BEGIN ENTRIES PROVIDED
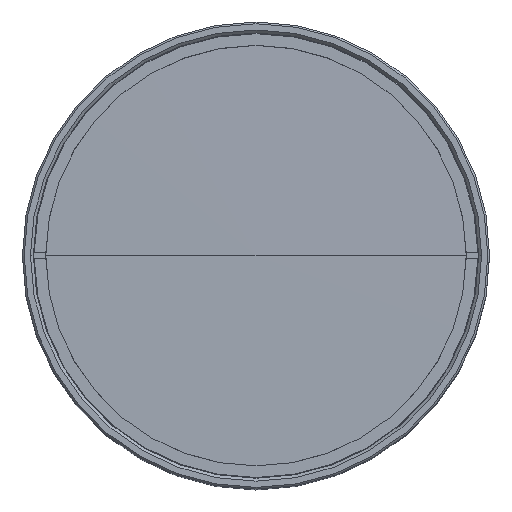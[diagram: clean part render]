
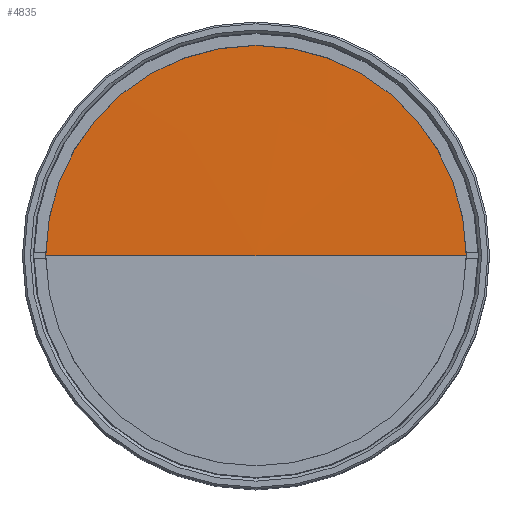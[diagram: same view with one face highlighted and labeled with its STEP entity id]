
A CAD part, top view. The second image highlights one B-rep face of the part: STEP entity #4835.
In plain terms, the highlighted conical face has half-angle 89.849 degrees and reference radius 380000 mm.
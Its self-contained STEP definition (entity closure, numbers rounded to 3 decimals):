
#352 = FACE_OUTER_BOUND ( 'NONE', #5020, .T. ) ;
#1000 = ORIENTED_EDGE ( 'NONE', *, *, #10120, .F. ) ;
#1935 = DIRECTION ( 'NONE',  ( 0., 0., -1. ) ) ;
#2200 = ORIENTED_EDGE ( 'NONE', *, *, #11133, .T. ) ;
#3866 = CONICAL_SURFACE ( 'NONE', #13966, 380000., 1.568 ) ;
#4223 = CIRCLE ( 'NONE', #10890, 36.095 ) ;
#4238 = LINE ( 'NONE', #14948, #15664 ) ;
#4835 = ADVANCED_FACE ( 'NONE', ( #352 ), #3866, .T. ) ;
#5020 = EDGE_LOOP ( 'NONE', ( #1000, #16404, #2200 ) ) ;
#5306 = DIRECTION ( 'NONE',  ( 1., 0., -0.003 ) ) ;
#6044 = DIRECTION ( 'NONE',  ( -1., 0., -0.003 ) ) ;
#6820 = CARTESIAN_POINT ( 'NONE',  ( 0., 0., 158.219 ) ) ;
#6971 = CARTESIAN_POINT ( 'NONE',  ( 0., 0., 158.124 ) ) ;
#8450 = DIRECTION ( 'NONE',  ( 1., 0., 0. ) ) ;
#8537 = VERTEX_POINT ( 'NONE', #13771 ) ;
#8818 = VERTEX_POINT ( 'NONE', #16777 ) ;
#10120 = EDGE_CURVE ( 'NONE', #15796, #8537, #4238, .T. ) ;
#10890 = AXIS2_PLACEMENT_3D ( 'NONE', #6971, #17373, #8450 ) ;
#11133 = EDGE_CURVE ( 'NONE', #8818, #8537, #4223, .T. ) ;
#13771 = CARTESIAN_POINT ( 'NONE',  ( -36.095, 0., 158.124 ) ) ;
#13966 = AXIS2_PLACEMENT_3D ( 'NONE', #17123, #1935, #15901 ) ;
#14222 = CARTESIAN_POINT ( 'NONE',  ( 0., 0., 158.219 ) ) ;
#14948 = CARTESIAN_POINT ( 'NONE',  ( 0., 0., 158.219 ) ) ;
#15271 = EDGE_CURVE ( 'NONE', #15796, #8818, #18519, .T. ) ;
#15664 = VECTOR ( 'NONE', #6044, 1000. ) ;
#15796 = VERTEX_POINT ( 'NONE', #6820 ) ;
#15901 = DIRECTION ( 'NONE',  ( -1., 0., 0. ) ) ;
#16404 = ORIENTED_EDGE ( 'NONE', *, *, #15271, .T. ) ;
#16777 = CARTESIAN_POINT ( 'NONE',  ( 36.095, 0., 158.124 ) ) ;
#17123 = CARTESIAN_POINT ( 'NONE',  ( 0., 0., -841.781 ) ) ;
#17373 = DIRECTION ( 'NONE',  ( 0., 0., 1. ) ) ;
#18519 = LINE ( 'NONE', #14222, #18961 ) ;
#18961 = VECTOR ( 'NONE', #5306, 1000. ) ;
END ENTRIES PROVIDED
TASK TO CARRY OUT:
Would you print exactly and only the lines of the material above that run from the line with "#6044 = DIRECTION" through the line with "#8537 = VERTEX_POINT ( 'NONE', #13771 ) ;", both included?

TASK ANSWER:
#6044 = DIRECTION ( 'NONE',  ( -1., 0., -0.003 ) ) ;
#6820 = CARTESIAN_POINT ( 'NONE',  ( 0., 0., 158.219 ) ) ;
#6971 = CARTESIAN_POINT ( 'NONE',  ( 0., 0., 158.124 ) ) ;
#8450 = DIRECTION ( 'NONE',  ( 1., 0., 0. ) ) ;
#8537 = VERTEX_POINT ( 'NONE', #13771 ) ;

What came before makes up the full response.